Gilberto Batista

Personal information
- Full name: Gilberto Dambi Batista
- Date of birth: 29 December 2003 (age 22)
- Place of birth: Bissau, Guinea-Bissau
- Height: 1.87 m (6 ft 2 in)
- Position: Centre-back

Team information
- Current team: Moreirense
- Number: 66

Youth career
- 2015–2016: Academia de Platine
- 2016–2021: Sporting CP

Senior career*
- Years: Team / Apps / (Gls)
- 2021–2023: Sporting CP B / 24 / (0)
- 2023–: Moreirense / 37 / (0)

International career^{‡}
- 2022–2023: Portugal U20 / 3 / (0)
- 2025–: Guinea-Bissau / 1 / (0)

= Gilberto Batista =

Bissau-Guinean footballer (born 2000)

Gilberto Dambi Batista (born 29 December 2003) is a professional footballer who plays as a centre-back for Moreirense and the Guinea-Bissau national team.

==Career==
A youth product of the Bissau-Guinean club Academia de Platine, Batista moved to Portugal with Sporting CP in 2016 where he finished his development.

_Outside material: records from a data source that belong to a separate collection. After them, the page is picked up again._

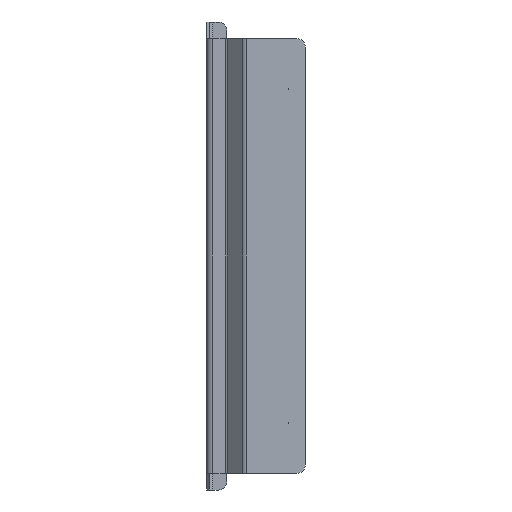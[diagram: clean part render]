
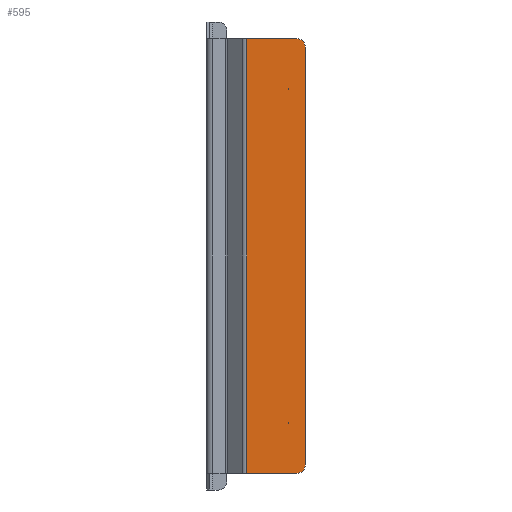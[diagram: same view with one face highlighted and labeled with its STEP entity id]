
A CAD part, left-side view. The second image highlights one B-rep face of the part: STEP entity #595.
In plain terms, the highlighted planar face has unit normal (-1, 0, 0).
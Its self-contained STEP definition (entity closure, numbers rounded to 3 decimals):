
#22 = ORIENTED_EDGE ( 'NONE', *, *, #1328, .F. ) ;
#47 = ORIENTED_EDGE ( 'NONE', *, *, #467, .F. ) ;
#69 = CARTESIAN_POINT ( 'NONE',  ( -34.498, 76.5, 140. ) ) ;
#93 = CARTESIAN_POINT ( 'NONE',  ( -34.498, 75.05, 130. ) ) ;
#99 = CIRCLE ( 'NONE', #1294, 0.25 ) ;
#107 = VERTEX_POINT ( 'NONE', #1398 ) ;
#129 = DIRECTION ( 'NONE',  ( 0., 0., -1. ) ) ;
#136 = VERTEX_POINT ( 'NONE', #267 ) ;
#143 = ORIENTED_EDGE ( 'NONE', *, *, #525, .T. ) ;
#161 = CARTESIAN_POINT ( 'NONE',  ( -34.498, 49.8, 100. ) ) ;
#167 = ORIENTED_EDGE ( 'NONE', *, *, #569, .T. ) ;
#204 = DIRECTION ( 'NONE',  ( -1., 0., 0. ) ) ;
#234 = ORIENTED_EDGE ( 'NONE', *, *, #630, .T. ) ;
#259 = AXIS2_PLACEMENT_3D ( 'NONE', #1432, #751, #313 ) ;
#264 = DIRECTION ( 'NONE',  ( 0., -1., 0. ) ) ;
#266 = EDGE_CURVE ( 'NONE', #789, #571, #1238, .T. ) ;
#267 = CARTESIAN_POINT ( 'NONE',  ( -34.498, 40.05, 125. ) ) ;
#281 = AXIS2_PLACEMENT_3D ( 'NONE', #371, #816, #264 ) ;
#313 = DIRECTION ( 'NONE',  ( 0., 0., 1. ) ) ;
#325 = CARTESIAN_POINT ( 'NONE',  ( -34.498, 76.5, 130. ) ) ;
#344 = LINE ( 'NONE', #669, #517 ) ;
#368 = CARTESIAN_POINT ( 'NONE',  ( -34.498, 45.05, 130. ) ) ;
#371 = CARTESIAN_POINT ( 'NONE',  ( -34.498, 50.05, -100. ) ) ;
#376 = DIRECTION ( 'NONE',  ( -1., 0., 0. ) ) ;
#394 = CARTESIAN_POINT ( 'NONE',  ( -34.498, 40.05, -140. ) ) ;
#401 = VECTOR ( 'NONE', #129, 1000. ) ;
#417 = FACE_OUTER_BOUND ( 'NONE', #1189, .T. ) ;
#441 = ORIENTED_EDGE ( 'NONE', *, *, #761, .F. ) ;
#467 = EDGE_CURVE ( 'NONE', #925, #925, #701, .T. ) ;
#500 = EDGE_LOOP ( 'NONE', ( #441 ) ) ;
#517 = VECTOR ( 'NONE', #1338, 1000. ) ;
#525 = EDGE_CURVE ( 'NONE', #571, #107, #529, .T. ) ;
#529 = LINE ( 'NONE', #758, #883 ) ;
#569 = EDGE_CURVE ( 'NONE', #1319, #1382, #957, .T. ) ;
#571 = VERTEX_POINT ( 'NONE', #93 ) ;
#583 = VERTEX_POINT ( 'NONE', #161 ) ;
#587 = CARTESIAN_POINT ( 'NONE',  ( -34.498, 45.05, -130. ) ) ;
#590 = AXIS2_PLACEMENT_3D ( 'NONE', #813, #376, #1139 ) ;
#595 = ADVANCED_FACE ( 'NONE', ( #417, #1324, #733 ), #1182, .T. ) ;
#616 = VECTOR ( 'NONE', #773, 1000. ) ;
#628 = DIRECTION ( 'NONE',  ( 0., 0., -1. ) ) ;
#630 = EDGE_CURVE ( 'NONE', #107, #1319, #344, .T. ) ;
#669 = CARTESIAN_POINT ( 'NONE',  ( -34.498, 76.5, -130. ) ) ;
#701 = CIRCLE ( 'NONE', #281, 0.25 ) ;
#722 = CARTESIAN_POINT ( 'NONE',  ( -34.498, 49.8, -100. ) ) ;
#733 = FACE_BOUND ( 'NONE', #500, .T. ) ;
#751 = DIRECTION ( 'NONE',  ( -1., 0., 0. ) ) ;
#758 = CARTESIAN_POINT ( 'NONE',  ( -34.498, 75.05, 140. ) ) ;
#761 = EDGE_CURVE ( 'NONE', #583, #583, #99, .T. ) ;
#764 = CARTESIAN_POINT ( 'NONE',  ( -34.498, 50.05, 100. ) ) ;
#773 = DIRECTION ( 'NONE',  ( 0., 1., 0. ) ) ;
#789 = VERTEX_POINT ( 'NONE', #368 ) ;
#793 = EDGE_CURVE ( 'NONE', #136, #789, #1224, .T. ) ;
#813 = CARTESIAN_POINT ( 'NONE',  ( -34.498, 45.05, 125. ) ) ;
#816 = DIRECTION ( 'NONE',  ( -1., 0., 0. ) ) ;
#856 = ORIENTED_EDGE ( 'NONE', *, *, #793, .T. ) ;
#883 = VECTOR ( 'NONE', #628, 1000. ) ;
#920 = EDGE_LOOP ( 'NONE', ( #47 ) ) ;
#925 = VERTEX_POINT ( 'NONE', #722 ) ;
#957 = CIRCLE ( 'NONE', #259, 5. ) ;
#1139 = DIRECTION ( 'NONE',  ( 0., 0., 1. ) ) ;
#1182 = PLANE ( 'NONE',  #1370 ) ;
#1183 = LINE ( 'NONE', #394, #401 ) ;
#1189 = EDGE_LOOP ( 'NONE', ( #22, #856, #1268, #143, #234, #167 ) ) ;
#1204 = CARTESIAN_POINT ( 'NONE',  ( -34.498, 40.05, -125. ) ) ;
#1215 = DIRECTION ( 'NONE',  ( -1., 0., 0. ) ) ;
#1224 = CIRCLE ( 'NONE', #590, 5. ) ;
#1238 = LINE ( 'NONE', #325, #616 ) ;
#1268 = ORIENTED_EDGE ( 'NONE', *, *, #266, .T. ) ;
#1294 = AXIS2_PLACEMENT_3D ( 'NONE', #764, #1215, #1450 ) ;
#1319 = VERTEX_POINT ( 'NONE', #587 ) ;
#1324 = FACE_BOUND ( 'NONE', #920, .T. ) ;
#1328 = EDGE_CURVE ( 'NONE', #136, #1382, #1183, .T. ) ;
#1338 = DIRECTION ( 'NONE',  ( 0., -1., 0. ) ) ;
#1370 = AXIS2_PLACEMENT_3D ( 'NONE', #69, #204, #1437 ) ;
#1382 = VERTEX_POINT ( 'NONE', #1204 ) ;
#1398 = CARTESIAN_POINT ( 'NONE',  ( -34.498, 75.05, -130. ) ) ;
#1432 = CARTESIAN_POINT ( 'NONE',  ( -34.498, 45.05, -125. ) ) ;
#1437 = DIRECTION ( 'NONE',  ( 0., 0., 1. ) ) ;
#1450 = DIRECTION ( 'NONE',  ( 0., -1., 0. ) ) ;

On 6 January 2020, he signed his first professional contract with Sporting. He was promoted to their reserves on the Liga 3 in 2021, and on 19 July 2023 again extended his contract with the club until 2025. On 22 June 2023, he transferred to Moreirense in the Primeira Liga on a contract until 2026. On 16 December 2024, he extended his contract with Moreirense until 2027.

==International career==
Born in Guinea-Bissau, Batista moved to Portugal at a young age and is a dual-citizen. In November 2022, he was called up to the Portugal U20s for a set of friendlies. He was called up to the senior Guinea-Bissau national football team for a set of 2026 FIFA World Cup qualification matches in March 2025. He debuted in a 2–1 loss to Burkina Faso on 24 March 2024.